Film

Review: An American Icon’s Tragic Story Gets Lost in Confused, Messy The United States v. Billie Holiday

As a musician and performer, Andra Day deserves far more attention than she’s yet to receive. Her 2015 debut album, Cheers to the Fall, introduced her as a force to be reckoned with, mainly thanks to a powerful, unique and evocative voice setting her far apart from her contemporaries. She’s released several singles since then (including some Christmas music) and has been featured on dozens of film and television soundtracks. Now, she takes center stage as American musical icon Billie Holiday in Lee Daniel’s The United States v. Billie Holiday, delivering a performance that, in any other vehicle besides this one, would be heralded as one of the best of the year. Unfortunately, even her uncanny ability to channel not only Holiday’s raspy, aching voice but her inherent defiance and confidence can’t outshine what is ultimately a messy, confused chronicle of the star’s traumas, career struggles and relationship dramas.

Billie Holiday Andra Day

Photo Credit: Takashi Seida. Courtesy of Hulu

Written by Suzan-Lori Parks (adapted from a book by Johann Hari), Daniels appears to be attempting to highlight Holiday’s ongoing struggle with the United States government and the intelligence agencies intent on sidelining her and the dark, brutal truths she sang about in songs like “Strange Fruit.” Spanning decades of her career, the film instead plays like a disconnected series of incidents that never quite manage to create a fully realized narrative of Holiday’s complicated life. There’s even a cumbersome flashback device bookending the film, Holiday being interviewed by a radio DJ named Reginald Lord Divine (Leslie Jordan), a flamboyant personality who’s not shy about asking the chanteuse about her darkest days, from her heroin addiction to run-ins with the government and more. And it only gets worse from there, as the film bounces from moment to moment in Holiday’s life, often with nothing more than a brief on-screen note that we’re now two or three months on from just the scene before. More than once, the progression of time becomes so muddled that it’s nearly impossible to know exactly where we are in Holiday’s long, slow decline.

Attempts to capture long spans of any life on film usually fail, as the Herculean feat of saying so much in the typical movie runtime is one few filmmakers can accomplish. Instead, biopics that focus on a particular moment in an icon’s life or career tend to fare better, able to dig deep into their subject at a certain crossroads, rather than spread their attention out thin across the decades. Try as Day might, even her impressive performance (and truly, the moments when it’s Day on stage as Holiday are hands-down the most compelling of the film) can’t salvage the mess of a plot Daniels has been handed in this overwrought, over-packed script. Just as one begins to forge any sort of connection to Holiday and all she’s going through, the film jerks us out of the moment to check in with the government agencies intent on bringing her down (a scene where these G-men discuss what to do like some sort of bureaucratic round-table is particularly painful).

Day is supported admirably by a cast that also does their best to make lemonade out of these lemons, including Trevante Rhodes (Moonlight) as a fellow addict, a contentious lover and ultimately a rat who would betray her to the authorities. Natasha Lyonne, typically a magnet of sheer charisma in anything she appears in, is wasted in what amounts to a cameo as Tallulah Bankhead, an actress and contemporary of Holiday’s with whom she was rumored to have a romantic affair. (Make that movie, Daniels!) The rest of the ensemble swirls around Holiday at various stages in her life, propping her up when she needs the support, fussing over her when she’s down on herself and struggling to keep her sober long enough to get back on stage. They’re there, for example, when she’s arrested for possession of heroin, and they watch as she’s sent to jail, a phase of her life that surely changed her. But as it’s just one more stop along the traumatic, heartbreaking road Daniels is intent on dragging us down, it—like so many others in the film—never registers as more than static in a film that can’t seem to hone in on a specific signal.
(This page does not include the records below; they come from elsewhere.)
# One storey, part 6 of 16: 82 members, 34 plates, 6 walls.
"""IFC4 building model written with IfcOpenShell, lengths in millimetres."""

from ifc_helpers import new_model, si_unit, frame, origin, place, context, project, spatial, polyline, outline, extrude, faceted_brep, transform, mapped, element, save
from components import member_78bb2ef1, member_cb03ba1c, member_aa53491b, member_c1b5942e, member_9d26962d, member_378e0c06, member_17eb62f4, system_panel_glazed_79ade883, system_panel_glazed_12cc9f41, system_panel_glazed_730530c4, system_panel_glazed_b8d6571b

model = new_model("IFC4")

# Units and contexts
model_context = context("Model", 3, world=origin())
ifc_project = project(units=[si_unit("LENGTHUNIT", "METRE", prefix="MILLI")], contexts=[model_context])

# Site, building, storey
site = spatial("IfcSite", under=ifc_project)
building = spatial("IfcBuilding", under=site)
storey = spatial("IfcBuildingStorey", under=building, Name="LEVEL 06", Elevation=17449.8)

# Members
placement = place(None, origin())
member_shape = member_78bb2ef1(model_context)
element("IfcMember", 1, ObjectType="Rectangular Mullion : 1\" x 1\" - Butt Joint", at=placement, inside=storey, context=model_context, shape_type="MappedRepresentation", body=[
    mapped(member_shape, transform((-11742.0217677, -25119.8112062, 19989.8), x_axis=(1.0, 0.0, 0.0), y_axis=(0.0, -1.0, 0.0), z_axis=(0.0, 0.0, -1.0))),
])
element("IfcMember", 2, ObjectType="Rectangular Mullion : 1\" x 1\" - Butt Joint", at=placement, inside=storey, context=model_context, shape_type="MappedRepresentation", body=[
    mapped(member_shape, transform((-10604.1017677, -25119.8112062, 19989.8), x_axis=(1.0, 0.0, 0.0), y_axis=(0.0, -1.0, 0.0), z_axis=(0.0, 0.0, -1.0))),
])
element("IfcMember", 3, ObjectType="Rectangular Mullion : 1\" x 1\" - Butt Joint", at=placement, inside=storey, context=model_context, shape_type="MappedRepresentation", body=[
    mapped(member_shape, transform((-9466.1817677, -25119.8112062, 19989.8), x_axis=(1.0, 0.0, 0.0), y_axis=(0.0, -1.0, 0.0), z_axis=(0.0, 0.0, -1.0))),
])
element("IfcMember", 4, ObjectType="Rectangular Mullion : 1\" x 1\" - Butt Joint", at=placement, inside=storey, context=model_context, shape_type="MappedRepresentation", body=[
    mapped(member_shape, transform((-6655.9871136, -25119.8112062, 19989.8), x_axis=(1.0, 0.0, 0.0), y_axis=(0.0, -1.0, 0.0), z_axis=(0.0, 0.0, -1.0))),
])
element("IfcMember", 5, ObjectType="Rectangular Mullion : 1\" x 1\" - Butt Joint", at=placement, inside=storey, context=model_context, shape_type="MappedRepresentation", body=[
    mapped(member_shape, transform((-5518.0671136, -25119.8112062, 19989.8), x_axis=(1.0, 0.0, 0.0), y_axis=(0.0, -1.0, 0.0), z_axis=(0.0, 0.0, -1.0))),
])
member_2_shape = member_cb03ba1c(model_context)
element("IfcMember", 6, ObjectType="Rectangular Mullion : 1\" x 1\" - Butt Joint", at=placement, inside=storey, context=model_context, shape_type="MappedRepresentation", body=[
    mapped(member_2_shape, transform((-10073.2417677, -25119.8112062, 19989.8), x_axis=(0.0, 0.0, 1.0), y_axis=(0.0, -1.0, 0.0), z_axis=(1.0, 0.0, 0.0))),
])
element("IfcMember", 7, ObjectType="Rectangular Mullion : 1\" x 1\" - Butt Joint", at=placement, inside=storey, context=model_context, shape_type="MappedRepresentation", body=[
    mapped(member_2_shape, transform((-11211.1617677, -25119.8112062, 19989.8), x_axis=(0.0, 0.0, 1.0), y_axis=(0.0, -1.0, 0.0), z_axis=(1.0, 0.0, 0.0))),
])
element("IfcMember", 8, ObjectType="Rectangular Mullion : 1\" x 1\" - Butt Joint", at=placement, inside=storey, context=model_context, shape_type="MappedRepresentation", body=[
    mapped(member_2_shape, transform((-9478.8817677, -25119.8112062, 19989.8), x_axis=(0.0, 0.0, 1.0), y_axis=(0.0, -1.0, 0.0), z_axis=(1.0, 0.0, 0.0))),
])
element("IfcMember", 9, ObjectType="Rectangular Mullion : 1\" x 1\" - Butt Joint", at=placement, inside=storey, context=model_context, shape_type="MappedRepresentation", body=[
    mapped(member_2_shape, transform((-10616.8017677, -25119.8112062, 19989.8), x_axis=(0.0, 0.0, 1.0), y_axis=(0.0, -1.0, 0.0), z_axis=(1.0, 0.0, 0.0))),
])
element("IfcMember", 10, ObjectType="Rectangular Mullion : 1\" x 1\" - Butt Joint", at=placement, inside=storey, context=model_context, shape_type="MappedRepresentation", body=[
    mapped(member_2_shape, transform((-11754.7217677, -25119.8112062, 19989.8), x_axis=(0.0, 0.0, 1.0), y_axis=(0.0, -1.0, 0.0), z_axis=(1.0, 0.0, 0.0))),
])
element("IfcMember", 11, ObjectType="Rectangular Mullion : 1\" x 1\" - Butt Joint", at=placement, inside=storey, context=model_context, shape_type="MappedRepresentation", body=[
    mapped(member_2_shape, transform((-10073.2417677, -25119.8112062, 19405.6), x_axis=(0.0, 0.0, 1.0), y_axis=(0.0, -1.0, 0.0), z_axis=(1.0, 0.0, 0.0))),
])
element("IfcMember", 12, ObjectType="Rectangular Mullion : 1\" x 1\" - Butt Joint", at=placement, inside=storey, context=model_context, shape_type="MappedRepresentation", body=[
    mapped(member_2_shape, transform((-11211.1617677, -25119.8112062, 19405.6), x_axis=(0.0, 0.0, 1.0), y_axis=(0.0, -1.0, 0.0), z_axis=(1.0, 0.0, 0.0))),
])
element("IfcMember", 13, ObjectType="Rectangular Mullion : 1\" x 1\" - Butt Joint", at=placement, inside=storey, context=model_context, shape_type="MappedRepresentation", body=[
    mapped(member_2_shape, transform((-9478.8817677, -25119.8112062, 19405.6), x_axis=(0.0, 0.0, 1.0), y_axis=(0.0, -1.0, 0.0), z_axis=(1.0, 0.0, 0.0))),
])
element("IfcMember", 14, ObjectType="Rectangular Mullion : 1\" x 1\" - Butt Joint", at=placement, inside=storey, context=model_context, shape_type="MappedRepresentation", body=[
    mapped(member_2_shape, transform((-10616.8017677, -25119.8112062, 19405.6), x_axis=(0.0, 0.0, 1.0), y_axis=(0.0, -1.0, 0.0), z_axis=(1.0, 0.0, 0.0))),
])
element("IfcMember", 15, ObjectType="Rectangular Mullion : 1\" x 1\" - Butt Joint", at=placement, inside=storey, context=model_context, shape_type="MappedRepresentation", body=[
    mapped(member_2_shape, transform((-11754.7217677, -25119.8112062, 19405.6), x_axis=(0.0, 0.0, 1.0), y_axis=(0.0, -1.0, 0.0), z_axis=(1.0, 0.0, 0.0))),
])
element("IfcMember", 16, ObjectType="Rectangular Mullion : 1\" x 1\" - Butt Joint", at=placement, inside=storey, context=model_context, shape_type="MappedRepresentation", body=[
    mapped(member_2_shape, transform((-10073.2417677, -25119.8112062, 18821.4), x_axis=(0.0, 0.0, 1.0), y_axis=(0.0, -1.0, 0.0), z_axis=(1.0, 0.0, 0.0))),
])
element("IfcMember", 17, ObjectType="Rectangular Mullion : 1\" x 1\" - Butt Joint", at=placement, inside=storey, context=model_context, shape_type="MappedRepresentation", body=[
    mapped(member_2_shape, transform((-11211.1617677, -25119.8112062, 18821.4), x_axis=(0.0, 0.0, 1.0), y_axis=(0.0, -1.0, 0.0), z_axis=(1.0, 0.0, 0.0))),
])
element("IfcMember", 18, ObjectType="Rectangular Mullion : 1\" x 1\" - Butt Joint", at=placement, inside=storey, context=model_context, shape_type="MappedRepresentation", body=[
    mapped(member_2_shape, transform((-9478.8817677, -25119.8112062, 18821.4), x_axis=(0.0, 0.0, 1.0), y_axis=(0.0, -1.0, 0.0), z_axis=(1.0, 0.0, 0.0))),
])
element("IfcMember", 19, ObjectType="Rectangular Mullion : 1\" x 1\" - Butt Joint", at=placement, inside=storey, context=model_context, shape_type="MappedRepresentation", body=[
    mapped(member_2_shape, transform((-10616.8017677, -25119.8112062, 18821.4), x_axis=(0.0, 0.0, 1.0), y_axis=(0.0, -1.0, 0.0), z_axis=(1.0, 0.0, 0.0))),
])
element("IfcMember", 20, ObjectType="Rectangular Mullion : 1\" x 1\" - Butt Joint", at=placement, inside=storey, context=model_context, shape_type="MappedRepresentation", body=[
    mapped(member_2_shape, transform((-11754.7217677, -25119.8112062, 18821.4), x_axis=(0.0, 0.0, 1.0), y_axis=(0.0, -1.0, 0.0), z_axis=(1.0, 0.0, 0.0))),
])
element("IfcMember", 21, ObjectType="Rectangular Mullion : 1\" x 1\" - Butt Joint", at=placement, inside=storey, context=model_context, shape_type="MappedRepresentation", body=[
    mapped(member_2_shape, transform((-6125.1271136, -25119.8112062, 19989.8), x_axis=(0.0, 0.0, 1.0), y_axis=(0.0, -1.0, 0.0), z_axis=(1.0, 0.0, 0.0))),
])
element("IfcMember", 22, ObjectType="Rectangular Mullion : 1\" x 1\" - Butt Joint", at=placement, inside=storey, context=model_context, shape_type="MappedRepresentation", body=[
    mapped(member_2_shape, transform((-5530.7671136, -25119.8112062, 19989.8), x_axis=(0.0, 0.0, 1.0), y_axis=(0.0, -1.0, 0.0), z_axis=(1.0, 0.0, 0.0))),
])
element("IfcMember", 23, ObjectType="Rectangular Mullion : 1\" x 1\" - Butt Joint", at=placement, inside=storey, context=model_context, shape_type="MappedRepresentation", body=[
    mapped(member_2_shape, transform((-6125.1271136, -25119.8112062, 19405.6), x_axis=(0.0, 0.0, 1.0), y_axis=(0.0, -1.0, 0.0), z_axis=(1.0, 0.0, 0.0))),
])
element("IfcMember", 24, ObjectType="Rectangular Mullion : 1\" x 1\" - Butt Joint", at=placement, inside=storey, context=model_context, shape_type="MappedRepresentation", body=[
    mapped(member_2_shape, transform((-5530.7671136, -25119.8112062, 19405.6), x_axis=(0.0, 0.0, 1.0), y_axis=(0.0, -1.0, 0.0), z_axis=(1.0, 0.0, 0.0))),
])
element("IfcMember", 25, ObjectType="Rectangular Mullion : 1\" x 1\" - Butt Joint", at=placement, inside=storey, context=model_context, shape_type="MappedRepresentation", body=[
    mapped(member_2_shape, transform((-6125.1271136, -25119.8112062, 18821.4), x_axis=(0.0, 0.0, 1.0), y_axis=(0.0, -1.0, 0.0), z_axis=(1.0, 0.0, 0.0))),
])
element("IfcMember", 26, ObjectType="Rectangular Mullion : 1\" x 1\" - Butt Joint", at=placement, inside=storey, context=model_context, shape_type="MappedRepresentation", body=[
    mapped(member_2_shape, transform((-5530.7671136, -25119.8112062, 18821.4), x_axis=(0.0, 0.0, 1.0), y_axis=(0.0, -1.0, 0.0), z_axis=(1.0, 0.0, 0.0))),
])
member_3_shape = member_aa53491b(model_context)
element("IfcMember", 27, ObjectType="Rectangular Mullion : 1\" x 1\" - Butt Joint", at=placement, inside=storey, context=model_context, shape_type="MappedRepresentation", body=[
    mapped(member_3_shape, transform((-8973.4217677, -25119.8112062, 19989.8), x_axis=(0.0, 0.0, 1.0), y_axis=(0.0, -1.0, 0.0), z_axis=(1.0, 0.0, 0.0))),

Billie Holiday died at just 44 years old, her system shutting down after years of drug use and heavy drinking; in the hospital, the government continued to look for ways to shut her down, including raiding the room and arresting her as she lay dying. It’s a tragic and sad end for a troubled woman who faced more than her fair share of traumas over her short life. Unfortunately, without the opportunity to really get to know her in the film’s first two hours, its final moments fail to be as powerful as they could be. Holiday deserves to have her story told and told well; hopefully she will someday.

The United States v. Billie Holiday is now streaming on Hulu.